◆ **TASK INSTRUCTIONS**
Find all lines in the listing that include the word "height", then copy them.

◆ **GIVEN RECORDS**
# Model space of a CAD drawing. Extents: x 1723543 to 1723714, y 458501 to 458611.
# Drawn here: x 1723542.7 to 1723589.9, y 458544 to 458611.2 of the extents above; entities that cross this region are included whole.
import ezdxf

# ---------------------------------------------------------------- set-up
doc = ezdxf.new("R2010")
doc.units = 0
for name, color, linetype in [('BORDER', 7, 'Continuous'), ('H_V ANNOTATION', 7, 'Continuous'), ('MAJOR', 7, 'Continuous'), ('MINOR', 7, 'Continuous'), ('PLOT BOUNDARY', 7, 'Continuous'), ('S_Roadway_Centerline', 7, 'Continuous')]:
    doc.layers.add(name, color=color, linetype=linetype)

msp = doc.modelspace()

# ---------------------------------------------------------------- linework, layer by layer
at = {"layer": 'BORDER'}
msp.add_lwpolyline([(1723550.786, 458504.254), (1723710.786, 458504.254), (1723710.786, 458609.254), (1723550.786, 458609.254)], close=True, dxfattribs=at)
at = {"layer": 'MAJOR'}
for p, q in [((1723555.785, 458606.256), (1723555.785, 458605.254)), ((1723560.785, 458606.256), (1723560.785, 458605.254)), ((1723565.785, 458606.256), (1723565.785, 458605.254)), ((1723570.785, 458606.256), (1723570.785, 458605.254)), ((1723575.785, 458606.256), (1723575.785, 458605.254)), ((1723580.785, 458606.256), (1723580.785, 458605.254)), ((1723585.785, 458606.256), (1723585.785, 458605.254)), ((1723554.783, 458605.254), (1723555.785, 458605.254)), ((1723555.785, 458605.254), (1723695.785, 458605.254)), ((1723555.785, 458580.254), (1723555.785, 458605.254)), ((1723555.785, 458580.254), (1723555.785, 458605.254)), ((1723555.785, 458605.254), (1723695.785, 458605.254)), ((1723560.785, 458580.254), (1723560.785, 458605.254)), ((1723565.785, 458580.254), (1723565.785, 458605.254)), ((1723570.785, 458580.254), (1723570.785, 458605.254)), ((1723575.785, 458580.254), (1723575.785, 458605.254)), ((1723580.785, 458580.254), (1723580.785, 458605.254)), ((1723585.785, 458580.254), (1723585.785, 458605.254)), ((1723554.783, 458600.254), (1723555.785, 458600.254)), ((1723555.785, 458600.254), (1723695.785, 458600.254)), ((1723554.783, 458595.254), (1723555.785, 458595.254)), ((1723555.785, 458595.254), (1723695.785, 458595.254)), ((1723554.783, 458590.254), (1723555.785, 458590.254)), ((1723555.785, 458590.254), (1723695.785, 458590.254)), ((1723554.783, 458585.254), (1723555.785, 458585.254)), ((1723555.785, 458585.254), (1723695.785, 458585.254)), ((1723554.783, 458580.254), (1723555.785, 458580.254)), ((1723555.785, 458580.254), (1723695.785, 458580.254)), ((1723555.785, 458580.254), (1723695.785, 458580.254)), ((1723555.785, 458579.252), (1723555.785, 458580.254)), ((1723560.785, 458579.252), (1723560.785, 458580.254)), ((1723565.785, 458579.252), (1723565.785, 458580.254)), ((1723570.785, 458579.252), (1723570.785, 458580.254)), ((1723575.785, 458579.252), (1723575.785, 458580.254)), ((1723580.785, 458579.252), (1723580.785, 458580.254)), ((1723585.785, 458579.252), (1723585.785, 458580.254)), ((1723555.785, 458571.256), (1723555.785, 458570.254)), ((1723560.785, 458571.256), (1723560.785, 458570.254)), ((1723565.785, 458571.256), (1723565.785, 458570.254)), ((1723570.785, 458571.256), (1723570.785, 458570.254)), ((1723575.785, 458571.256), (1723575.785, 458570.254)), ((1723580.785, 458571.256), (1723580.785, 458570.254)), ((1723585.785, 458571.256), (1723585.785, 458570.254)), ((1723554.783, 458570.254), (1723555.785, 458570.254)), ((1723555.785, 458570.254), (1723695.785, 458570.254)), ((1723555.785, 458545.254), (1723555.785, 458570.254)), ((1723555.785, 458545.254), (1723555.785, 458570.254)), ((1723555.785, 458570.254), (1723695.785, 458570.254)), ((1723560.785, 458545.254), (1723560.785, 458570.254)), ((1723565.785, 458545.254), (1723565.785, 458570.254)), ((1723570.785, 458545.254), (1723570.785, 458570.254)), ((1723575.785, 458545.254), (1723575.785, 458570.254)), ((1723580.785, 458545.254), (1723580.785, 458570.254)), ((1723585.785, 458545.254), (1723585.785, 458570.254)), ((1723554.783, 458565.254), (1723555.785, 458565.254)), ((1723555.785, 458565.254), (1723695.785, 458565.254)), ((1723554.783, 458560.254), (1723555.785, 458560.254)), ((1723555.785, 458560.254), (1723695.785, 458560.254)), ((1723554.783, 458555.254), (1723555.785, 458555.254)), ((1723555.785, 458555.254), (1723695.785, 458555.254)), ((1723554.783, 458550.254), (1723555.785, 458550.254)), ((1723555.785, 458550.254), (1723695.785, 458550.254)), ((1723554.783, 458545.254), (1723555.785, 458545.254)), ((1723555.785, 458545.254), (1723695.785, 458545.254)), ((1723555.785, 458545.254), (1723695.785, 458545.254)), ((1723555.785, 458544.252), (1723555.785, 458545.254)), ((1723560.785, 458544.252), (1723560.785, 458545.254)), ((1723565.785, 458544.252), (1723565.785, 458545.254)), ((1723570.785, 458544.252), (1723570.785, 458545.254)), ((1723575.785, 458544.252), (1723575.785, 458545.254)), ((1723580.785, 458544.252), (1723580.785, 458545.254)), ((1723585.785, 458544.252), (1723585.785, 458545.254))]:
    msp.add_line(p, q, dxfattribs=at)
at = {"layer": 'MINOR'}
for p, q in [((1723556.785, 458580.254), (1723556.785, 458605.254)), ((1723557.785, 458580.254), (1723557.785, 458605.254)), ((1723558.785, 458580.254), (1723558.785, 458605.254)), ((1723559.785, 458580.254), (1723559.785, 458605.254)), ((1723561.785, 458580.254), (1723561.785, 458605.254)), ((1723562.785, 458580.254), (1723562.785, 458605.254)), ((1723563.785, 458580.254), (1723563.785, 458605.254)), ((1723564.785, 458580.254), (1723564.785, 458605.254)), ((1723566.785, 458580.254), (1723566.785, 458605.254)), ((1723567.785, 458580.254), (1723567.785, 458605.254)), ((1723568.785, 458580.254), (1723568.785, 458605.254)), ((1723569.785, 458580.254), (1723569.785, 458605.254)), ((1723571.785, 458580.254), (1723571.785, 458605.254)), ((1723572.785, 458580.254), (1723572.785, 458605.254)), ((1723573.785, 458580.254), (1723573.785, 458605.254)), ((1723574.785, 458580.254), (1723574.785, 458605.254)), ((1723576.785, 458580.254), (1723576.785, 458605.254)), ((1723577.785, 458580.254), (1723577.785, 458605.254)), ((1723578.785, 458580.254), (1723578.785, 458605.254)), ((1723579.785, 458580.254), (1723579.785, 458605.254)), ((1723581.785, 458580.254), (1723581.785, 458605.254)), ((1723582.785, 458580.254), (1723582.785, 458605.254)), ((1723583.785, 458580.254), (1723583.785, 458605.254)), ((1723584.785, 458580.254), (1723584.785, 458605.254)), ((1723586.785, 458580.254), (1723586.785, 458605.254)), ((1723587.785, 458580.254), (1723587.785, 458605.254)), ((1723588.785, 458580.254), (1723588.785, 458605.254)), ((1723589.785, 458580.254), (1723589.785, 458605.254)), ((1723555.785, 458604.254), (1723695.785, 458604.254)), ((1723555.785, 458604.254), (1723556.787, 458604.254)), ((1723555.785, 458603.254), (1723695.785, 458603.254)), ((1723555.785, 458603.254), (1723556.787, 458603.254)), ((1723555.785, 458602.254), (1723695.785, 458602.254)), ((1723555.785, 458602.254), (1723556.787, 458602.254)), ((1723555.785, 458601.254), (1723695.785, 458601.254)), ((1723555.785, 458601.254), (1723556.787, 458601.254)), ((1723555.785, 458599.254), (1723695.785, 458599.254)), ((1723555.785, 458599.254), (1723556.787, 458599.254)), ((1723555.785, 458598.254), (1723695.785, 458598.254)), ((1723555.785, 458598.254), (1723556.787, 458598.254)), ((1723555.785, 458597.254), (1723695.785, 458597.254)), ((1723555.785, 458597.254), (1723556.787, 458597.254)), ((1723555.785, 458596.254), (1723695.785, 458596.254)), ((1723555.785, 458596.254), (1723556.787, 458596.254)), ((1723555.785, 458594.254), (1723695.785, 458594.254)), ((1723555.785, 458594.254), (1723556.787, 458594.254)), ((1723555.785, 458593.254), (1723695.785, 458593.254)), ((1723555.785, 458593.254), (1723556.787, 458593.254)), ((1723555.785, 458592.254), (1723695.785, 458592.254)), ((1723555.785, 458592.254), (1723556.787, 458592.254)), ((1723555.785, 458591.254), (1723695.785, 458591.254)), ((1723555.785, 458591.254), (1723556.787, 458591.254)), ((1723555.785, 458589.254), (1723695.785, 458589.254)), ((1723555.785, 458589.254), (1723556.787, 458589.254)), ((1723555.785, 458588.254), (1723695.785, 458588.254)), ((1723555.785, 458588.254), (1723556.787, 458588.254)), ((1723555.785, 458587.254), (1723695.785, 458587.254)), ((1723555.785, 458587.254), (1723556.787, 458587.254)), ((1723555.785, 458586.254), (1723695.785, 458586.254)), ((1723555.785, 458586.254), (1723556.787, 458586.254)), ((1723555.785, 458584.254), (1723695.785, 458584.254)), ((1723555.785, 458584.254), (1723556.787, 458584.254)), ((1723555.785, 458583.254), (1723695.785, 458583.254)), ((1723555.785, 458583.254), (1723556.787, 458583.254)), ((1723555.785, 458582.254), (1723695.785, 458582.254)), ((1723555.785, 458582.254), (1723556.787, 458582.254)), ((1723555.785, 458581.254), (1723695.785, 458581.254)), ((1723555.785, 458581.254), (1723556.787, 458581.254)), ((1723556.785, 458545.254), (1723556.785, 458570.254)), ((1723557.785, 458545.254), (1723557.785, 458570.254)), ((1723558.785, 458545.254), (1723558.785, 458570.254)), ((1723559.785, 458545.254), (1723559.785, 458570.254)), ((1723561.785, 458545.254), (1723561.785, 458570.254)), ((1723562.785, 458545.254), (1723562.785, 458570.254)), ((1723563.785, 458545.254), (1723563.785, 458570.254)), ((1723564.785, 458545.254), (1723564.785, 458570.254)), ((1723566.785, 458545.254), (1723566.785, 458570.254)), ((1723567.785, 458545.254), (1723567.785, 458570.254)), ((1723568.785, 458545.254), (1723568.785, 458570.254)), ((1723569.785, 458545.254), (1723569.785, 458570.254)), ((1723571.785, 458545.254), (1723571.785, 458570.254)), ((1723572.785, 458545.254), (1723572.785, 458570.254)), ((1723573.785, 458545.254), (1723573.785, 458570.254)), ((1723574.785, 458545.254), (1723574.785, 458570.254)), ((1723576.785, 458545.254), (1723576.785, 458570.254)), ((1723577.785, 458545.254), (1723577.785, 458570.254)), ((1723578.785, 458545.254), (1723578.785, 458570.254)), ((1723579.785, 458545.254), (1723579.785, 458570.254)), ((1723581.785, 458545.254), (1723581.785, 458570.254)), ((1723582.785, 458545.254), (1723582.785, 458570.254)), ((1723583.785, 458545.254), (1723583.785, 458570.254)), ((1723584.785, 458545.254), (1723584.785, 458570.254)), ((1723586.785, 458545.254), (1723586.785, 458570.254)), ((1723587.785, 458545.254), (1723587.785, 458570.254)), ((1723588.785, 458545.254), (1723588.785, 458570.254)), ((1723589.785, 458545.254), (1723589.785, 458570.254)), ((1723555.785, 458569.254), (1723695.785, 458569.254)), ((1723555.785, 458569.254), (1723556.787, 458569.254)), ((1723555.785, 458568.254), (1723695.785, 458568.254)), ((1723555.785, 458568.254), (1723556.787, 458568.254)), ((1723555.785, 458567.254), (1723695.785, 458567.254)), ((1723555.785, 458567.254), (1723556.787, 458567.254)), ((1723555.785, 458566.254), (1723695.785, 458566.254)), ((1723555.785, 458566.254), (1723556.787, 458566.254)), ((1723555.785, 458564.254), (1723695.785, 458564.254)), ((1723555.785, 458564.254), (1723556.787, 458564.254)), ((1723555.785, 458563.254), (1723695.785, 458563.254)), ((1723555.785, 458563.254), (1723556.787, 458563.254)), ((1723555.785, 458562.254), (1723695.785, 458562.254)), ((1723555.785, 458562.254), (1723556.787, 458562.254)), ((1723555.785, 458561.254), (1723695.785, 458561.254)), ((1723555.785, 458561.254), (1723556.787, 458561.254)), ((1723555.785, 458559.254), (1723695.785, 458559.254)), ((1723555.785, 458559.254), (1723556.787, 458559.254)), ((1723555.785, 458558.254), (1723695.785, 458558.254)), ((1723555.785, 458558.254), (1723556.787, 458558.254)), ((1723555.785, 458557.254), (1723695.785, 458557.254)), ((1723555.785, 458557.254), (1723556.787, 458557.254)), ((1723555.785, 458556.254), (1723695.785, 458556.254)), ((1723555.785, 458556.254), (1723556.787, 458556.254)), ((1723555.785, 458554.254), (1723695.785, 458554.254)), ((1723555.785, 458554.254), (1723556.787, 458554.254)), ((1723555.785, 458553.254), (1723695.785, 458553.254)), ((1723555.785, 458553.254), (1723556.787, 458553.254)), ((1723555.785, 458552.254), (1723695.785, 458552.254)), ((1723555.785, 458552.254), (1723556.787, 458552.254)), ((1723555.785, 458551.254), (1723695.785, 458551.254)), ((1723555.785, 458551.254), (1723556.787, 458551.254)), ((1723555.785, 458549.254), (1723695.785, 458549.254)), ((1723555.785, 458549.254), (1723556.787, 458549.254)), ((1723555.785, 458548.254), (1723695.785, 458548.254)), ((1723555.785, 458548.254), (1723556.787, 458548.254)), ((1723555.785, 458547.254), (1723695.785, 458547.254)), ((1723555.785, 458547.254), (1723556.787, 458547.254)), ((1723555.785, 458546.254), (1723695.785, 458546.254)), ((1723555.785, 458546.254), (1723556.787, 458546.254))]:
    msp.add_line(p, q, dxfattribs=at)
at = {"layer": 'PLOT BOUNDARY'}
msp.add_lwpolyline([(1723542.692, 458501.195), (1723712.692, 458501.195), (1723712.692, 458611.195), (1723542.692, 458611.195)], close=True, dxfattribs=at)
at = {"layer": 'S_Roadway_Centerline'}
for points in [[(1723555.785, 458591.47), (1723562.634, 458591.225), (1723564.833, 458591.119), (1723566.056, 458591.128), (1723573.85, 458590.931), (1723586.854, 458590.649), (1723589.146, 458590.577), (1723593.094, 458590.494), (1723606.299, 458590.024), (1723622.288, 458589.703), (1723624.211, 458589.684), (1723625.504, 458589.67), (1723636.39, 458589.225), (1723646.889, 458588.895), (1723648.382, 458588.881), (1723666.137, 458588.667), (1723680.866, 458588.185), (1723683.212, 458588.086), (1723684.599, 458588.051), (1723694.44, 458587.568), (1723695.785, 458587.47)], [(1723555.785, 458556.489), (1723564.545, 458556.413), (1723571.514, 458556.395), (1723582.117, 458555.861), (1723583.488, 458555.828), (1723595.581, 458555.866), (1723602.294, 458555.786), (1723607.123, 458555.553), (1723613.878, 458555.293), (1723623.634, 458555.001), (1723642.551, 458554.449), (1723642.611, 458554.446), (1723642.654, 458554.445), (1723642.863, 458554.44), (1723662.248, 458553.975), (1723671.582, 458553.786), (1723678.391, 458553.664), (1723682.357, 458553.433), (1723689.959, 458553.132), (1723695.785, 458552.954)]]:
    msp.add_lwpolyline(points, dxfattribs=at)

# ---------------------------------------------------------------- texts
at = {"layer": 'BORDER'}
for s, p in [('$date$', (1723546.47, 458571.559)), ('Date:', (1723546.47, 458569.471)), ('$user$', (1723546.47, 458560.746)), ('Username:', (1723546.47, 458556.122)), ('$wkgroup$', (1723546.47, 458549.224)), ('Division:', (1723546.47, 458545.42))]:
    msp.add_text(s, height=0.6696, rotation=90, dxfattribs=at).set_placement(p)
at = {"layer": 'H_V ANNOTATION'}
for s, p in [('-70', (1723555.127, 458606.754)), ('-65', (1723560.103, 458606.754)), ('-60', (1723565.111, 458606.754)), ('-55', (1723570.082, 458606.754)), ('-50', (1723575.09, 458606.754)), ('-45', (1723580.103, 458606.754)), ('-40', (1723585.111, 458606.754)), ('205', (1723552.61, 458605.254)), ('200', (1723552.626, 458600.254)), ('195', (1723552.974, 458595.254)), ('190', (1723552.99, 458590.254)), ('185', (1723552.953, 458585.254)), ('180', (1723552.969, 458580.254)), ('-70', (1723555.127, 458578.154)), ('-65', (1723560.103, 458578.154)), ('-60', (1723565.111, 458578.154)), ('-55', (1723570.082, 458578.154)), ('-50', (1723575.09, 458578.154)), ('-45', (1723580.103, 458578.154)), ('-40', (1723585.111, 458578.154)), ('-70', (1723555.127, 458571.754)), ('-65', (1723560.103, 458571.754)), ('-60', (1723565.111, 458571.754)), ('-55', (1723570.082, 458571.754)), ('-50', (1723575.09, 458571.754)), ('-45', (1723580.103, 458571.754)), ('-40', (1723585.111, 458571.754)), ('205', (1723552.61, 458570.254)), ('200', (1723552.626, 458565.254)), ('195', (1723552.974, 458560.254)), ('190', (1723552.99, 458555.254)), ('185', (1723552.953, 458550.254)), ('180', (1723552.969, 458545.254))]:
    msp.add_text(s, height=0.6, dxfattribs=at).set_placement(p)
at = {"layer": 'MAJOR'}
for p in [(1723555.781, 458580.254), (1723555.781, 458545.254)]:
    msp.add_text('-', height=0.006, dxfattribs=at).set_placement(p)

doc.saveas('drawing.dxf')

◆ **WORKED SOLUTION**
    msp.add_text(s, height=0.6696, rotation=90, dxfattribs=at).set_placement(p)
    msp.add_text(s, height=0.6, dxfattribs=at).set_placement(p)
    msp.add_text('-', height=0.006, dxfattribs=at).set_placement(p)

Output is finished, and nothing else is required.